Like it or not, there’s a very good chance that your favorite Founding Father would quite vociferously disagree with some of your politics!
That needn’t hurt your feelings.
Like it or not, there’s a very good chance that you too would quite vehemently disagree with some of the politics of your favorite Founding Father!
Wrong assumptions abound in politics!
And one of the biggest assumptions we tend to make is that we don’t make any!
Few topics compel us to confront our assumptions in politics than that of our favorite Founding Fathers. And confronting those assumptions about our favorite historical politicians can help us confront our assumptions about our favorite current politicians and even our assumptions about our least favorite current politicians.

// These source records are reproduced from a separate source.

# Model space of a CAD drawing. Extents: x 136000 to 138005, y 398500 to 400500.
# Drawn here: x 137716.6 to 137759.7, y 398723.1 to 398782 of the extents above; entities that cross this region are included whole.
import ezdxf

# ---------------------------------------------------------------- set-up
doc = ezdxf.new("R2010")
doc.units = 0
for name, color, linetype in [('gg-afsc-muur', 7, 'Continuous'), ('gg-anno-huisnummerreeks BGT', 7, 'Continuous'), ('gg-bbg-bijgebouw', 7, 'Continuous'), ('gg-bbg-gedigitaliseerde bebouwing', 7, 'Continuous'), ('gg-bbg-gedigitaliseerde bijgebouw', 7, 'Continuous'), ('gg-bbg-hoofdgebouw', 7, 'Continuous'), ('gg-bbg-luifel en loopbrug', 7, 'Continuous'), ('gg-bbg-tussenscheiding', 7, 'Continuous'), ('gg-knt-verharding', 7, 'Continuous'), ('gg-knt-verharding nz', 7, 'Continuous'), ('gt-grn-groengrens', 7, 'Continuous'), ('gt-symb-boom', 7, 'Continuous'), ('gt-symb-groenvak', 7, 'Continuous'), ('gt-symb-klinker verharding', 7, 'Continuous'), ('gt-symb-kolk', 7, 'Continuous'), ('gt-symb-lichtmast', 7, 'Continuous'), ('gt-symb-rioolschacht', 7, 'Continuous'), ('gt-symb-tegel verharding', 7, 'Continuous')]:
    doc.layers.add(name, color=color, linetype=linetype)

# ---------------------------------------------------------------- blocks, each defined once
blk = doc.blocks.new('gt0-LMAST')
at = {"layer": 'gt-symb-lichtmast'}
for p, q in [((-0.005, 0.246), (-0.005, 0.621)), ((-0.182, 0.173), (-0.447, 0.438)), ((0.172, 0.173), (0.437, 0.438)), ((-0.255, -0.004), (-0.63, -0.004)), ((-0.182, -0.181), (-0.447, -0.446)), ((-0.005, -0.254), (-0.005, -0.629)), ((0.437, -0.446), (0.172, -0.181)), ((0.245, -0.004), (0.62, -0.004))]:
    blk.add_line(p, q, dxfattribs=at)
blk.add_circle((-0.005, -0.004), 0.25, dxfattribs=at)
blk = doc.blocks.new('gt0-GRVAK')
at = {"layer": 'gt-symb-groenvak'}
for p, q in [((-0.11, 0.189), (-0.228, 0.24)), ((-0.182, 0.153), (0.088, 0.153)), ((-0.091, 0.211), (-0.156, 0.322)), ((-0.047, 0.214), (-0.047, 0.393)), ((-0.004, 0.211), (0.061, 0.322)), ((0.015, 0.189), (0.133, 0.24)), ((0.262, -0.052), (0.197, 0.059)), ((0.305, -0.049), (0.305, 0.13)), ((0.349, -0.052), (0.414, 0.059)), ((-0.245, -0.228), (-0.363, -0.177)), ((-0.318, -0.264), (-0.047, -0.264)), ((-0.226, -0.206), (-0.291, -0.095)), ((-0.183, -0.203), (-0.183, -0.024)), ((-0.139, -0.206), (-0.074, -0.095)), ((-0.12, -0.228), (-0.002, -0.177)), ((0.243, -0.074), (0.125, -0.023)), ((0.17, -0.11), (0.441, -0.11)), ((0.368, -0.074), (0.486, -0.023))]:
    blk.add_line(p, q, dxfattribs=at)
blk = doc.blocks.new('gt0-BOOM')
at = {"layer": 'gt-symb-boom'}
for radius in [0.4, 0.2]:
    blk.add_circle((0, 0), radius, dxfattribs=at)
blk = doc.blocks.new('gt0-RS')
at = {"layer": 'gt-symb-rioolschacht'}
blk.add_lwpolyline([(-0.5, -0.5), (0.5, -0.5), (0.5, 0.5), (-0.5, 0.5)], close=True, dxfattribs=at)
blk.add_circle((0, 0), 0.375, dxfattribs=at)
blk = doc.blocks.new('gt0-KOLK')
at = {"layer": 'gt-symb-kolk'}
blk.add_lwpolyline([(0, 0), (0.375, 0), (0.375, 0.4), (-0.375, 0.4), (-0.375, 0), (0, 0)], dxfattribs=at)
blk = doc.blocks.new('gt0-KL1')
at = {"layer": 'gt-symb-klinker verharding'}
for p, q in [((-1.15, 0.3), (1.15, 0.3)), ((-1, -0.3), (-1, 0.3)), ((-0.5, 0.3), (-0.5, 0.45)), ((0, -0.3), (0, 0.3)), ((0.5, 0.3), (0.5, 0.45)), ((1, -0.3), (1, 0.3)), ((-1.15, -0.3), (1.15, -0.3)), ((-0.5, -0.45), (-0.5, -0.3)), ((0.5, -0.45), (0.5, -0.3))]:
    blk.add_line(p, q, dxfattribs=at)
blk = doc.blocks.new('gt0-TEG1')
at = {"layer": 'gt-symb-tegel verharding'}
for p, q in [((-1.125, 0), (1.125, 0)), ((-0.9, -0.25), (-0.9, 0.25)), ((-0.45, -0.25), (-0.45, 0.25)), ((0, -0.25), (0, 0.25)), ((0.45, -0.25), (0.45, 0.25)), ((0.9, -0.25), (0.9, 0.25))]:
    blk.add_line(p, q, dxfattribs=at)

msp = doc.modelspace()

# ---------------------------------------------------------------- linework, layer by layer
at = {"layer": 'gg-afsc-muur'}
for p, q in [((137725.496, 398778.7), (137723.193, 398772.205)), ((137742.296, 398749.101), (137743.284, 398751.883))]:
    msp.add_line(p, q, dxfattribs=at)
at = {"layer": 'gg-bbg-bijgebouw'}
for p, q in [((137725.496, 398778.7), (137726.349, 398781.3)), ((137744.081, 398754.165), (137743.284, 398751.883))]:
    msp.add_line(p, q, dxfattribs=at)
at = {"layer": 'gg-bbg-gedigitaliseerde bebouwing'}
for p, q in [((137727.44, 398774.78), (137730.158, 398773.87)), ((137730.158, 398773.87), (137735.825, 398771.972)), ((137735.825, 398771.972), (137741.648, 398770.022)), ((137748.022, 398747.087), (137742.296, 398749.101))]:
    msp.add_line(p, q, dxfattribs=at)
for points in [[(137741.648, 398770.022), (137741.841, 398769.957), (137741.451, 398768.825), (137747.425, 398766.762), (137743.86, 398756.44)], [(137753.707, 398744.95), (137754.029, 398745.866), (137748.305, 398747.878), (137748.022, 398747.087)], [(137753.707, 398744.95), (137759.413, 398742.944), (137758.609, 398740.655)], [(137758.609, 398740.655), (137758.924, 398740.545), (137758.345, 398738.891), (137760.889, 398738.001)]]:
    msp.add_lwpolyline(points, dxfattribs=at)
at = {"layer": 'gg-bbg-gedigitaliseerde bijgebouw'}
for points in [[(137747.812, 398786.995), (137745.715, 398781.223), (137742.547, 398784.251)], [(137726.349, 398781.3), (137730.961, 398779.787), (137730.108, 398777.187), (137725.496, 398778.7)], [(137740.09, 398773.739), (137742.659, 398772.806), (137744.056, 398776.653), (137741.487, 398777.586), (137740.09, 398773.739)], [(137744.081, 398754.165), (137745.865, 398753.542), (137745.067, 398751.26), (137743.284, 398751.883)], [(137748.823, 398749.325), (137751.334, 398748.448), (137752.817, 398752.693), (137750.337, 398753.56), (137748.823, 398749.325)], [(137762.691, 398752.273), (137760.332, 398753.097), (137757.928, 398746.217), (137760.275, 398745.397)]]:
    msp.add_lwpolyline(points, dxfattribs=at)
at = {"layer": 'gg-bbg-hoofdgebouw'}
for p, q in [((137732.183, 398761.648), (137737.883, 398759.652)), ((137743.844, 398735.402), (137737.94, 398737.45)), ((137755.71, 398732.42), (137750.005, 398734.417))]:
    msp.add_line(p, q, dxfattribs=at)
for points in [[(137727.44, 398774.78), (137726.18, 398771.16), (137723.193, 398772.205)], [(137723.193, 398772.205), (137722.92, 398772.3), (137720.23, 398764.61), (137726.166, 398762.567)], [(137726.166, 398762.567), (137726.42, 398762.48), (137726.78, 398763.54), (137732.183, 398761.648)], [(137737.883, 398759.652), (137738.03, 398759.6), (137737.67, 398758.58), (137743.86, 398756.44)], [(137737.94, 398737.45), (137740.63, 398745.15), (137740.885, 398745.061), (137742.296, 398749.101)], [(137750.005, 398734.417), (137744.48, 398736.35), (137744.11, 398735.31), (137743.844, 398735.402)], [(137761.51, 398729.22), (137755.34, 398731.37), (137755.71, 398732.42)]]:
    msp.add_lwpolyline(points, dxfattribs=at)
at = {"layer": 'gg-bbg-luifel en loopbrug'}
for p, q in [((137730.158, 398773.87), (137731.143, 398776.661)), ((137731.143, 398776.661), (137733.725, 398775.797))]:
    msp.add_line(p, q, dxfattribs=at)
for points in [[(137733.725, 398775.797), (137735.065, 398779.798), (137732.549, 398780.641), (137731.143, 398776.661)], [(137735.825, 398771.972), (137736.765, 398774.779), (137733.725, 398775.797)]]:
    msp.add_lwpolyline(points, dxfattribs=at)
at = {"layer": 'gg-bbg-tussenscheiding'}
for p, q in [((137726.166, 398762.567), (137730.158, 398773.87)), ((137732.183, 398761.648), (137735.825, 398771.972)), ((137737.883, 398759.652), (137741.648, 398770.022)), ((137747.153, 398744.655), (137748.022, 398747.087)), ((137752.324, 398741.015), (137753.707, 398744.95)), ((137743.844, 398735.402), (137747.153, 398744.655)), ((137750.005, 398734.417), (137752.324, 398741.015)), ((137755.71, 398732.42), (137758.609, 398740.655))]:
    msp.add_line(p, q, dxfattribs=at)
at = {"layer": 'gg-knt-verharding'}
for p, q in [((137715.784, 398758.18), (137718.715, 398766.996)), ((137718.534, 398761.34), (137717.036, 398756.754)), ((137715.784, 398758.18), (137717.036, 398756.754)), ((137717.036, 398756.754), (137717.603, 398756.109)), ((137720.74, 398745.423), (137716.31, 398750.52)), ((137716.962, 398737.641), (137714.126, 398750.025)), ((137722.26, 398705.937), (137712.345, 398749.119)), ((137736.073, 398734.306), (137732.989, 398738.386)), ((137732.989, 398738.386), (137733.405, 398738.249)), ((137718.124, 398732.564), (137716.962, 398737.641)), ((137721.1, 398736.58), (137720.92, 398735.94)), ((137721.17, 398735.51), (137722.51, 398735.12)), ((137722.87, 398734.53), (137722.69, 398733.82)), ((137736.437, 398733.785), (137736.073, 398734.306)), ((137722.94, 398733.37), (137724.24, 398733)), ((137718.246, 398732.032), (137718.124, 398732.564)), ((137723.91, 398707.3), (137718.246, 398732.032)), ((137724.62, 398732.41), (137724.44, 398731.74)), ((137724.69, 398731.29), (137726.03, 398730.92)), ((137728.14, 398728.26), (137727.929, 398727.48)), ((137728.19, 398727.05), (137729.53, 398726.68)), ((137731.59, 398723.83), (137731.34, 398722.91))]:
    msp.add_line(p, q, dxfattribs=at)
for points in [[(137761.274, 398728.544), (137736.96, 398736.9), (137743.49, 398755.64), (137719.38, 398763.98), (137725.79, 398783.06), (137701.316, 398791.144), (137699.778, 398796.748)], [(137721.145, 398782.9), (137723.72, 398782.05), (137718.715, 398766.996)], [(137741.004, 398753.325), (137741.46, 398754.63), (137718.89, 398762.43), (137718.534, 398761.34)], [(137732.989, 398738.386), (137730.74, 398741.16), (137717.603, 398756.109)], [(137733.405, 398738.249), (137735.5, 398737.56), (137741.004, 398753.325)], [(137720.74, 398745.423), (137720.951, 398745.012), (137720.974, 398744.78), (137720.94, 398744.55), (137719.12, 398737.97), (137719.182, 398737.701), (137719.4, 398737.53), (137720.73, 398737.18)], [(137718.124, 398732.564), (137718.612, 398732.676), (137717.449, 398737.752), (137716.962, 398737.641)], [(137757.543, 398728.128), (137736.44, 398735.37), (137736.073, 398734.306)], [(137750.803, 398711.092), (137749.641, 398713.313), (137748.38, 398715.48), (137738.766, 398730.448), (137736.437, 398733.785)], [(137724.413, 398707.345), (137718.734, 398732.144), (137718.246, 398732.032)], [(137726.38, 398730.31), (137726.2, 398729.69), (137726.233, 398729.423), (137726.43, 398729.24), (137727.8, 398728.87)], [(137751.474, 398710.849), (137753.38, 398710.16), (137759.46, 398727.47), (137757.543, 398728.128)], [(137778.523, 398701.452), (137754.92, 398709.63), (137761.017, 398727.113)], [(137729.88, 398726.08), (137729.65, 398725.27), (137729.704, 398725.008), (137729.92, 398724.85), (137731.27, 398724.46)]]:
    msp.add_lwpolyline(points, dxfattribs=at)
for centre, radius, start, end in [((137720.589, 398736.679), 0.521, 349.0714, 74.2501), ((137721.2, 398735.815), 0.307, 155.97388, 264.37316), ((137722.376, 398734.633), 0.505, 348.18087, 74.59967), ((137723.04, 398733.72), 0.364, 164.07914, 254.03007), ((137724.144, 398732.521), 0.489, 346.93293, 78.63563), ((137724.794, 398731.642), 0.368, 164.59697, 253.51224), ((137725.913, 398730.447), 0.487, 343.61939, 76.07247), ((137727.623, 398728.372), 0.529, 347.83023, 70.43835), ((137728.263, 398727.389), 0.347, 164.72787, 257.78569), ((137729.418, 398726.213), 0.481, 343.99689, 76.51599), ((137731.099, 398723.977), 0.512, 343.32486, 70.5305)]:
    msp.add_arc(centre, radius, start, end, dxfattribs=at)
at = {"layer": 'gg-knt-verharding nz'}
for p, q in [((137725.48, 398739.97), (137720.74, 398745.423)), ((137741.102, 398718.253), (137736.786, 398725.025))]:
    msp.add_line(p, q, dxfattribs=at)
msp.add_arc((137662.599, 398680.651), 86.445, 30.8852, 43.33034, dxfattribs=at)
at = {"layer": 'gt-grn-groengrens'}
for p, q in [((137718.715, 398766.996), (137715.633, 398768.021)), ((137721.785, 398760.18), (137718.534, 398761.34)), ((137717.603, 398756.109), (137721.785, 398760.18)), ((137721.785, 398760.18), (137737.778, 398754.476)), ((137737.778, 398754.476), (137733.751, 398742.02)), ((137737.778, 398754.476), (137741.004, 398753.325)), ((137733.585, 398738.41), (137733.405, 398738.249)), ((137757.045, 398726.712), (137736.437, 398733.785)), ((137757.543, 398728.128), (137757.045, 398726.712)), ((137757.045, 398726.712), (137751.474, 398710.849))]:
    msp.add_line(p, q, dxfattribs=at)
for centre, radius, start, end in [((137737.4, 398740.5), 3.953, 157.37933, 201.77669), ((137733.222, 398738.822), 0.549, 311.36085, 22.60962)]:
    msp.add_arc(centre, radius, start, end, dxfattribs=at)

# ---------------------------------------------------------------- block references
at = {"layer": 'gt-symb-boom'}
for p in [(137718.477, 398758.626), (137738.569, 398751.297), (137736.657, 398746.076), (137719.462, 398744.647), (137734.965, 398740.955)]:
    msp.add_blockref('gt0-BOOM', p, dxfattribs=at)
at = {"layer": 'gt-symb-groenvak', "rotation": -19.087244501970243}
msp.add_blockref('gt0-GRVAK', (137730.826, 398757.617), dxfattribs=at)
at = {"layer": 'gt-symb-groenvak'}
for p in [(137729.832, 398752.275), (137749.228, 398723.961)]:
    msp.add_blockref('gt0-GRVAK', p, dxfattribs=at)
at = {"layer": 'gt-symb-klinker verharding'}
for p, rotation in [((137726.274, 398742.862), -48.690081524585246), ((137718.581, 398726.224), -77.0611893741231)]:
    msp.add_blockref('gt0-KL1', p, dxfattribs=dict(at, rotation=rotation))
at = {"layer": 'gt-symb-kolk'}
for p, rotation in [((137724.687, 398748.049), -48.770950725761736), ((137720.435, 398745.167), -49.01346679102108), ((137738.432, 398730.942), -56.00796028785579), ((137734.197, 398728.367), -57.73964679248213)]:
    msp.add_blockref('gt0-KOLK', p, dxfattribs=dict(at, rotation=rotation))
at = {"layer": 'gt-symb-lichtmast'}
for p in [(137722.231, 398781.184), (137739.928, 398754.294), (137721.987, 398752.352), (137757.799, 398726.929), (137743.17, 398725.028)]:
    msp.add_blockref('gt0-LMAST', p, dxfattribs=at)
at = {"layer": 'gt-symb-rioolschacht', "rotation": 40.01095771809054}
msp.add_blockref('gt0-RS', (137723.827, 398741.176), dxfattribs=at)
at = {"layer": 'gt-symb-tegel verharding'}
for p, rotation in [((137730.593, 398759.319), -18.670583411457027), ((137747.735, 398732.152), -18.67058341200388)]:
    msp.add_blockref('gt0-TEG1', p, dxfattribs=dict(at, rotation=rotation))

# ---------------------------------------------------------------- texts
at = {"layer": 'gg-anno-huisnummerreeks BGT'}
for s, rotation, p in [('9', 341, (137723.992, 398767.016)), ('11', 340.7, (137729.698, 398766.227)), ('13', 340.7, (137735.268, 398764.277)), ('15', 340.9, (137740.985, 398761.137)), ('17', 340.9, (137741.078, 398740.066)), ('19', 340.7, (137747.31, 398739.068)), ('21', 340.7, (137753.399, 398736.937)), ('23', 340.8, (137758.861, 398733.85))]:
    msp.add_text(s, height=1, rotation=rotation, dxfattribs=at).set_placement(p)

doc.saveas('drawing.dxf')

Generally, we tend to make careless assumptions about our favorite Founding Fathers because we are not always as comprehensive as we should in researching the whole gamut of reasons for people’s political positions, the motivations behind those positions, and the circumstances under which they formed and adopted them.
Let’s start with a simple and perhaps simplistic example from America’s foremost founding Father: George Washington.
He surely would have sounded like a tax-cut candidate when he wrote a friend: “I think the Parliament of Great Britain has no more right to put their hands in my pocket, without my consent, as I have to put my hands into yours for money.” He certainly would have made his position on taxes much clearer by consequently leading the American Revolution against Great Britain. Yet he also would have seemed like a tax-hike president when, in 1794, he led an army 12,000 strong to quash the Whiskey Rebellion by whiskey tax evaders in Pennsylvania, whom Alexander Hamilton labeled “the wicked insurgents of the west.”
Speaking of Alexander Hamilton, let’s now look at the man whom historian Ron Chernow labeled the Father of the American government. He surely sounded like a dove when, in championing the Jay Treaty of 1794-1795, which averted another war with Britain, he said, “If there be a foreign power, which sees with envy or ill will our growing prosperity, that power must discern that our infancy is the time for clipping our wings.” Yet he also certainly seemed like a war hawk in 1798 when he prescribed the formation of a large army to confront a belligerent France. Wrote Chernow in Alexander Hamilton: “When it had been a question of possible war with Great Britain a few years earlier, Hamilton had been willing to make concessions and negotiate at length to avoid hostilities. But his foreign-policy views frequently varied with the situation, and he now adopted a much tougher tone when France was the potential belligerent power.”
Now to the Founding Father who initiated America’s Westward expansion: Thomas Jefferson.
He surely would have come across as a strict constructionist who believed in small government, hence the Jeffersonian maxim: “Government is best which governs least. Yet he also would have seemed like a broad constructionist when he doubled the size of the United States by authorizing the Louisiana Purchase in 1803, using his archrival Alexander Hamilton’s system of finance to fund it—a system he had publicly opposed for 15 years. He would later concede to James Madison: “The less we say about the constitutional difficulties respecting Louisiana, the better.”
The moral of the story is this: The benefit of the doubt we afford your favorite Founding Fathers is the same benefit of the doubt we should give to our least favorite current politicians today. Furthermore, we should confront all our assumptions and strive to eliminate as much doubt as possible by comprehensively researching the whole gamut of reasons for people’s political positions, the motivations behind those positions, and the circumstances under which they formed and adopted them, whether it’s our least favorite current politicians or our favorite Founding Fathers or our fellow countrymen.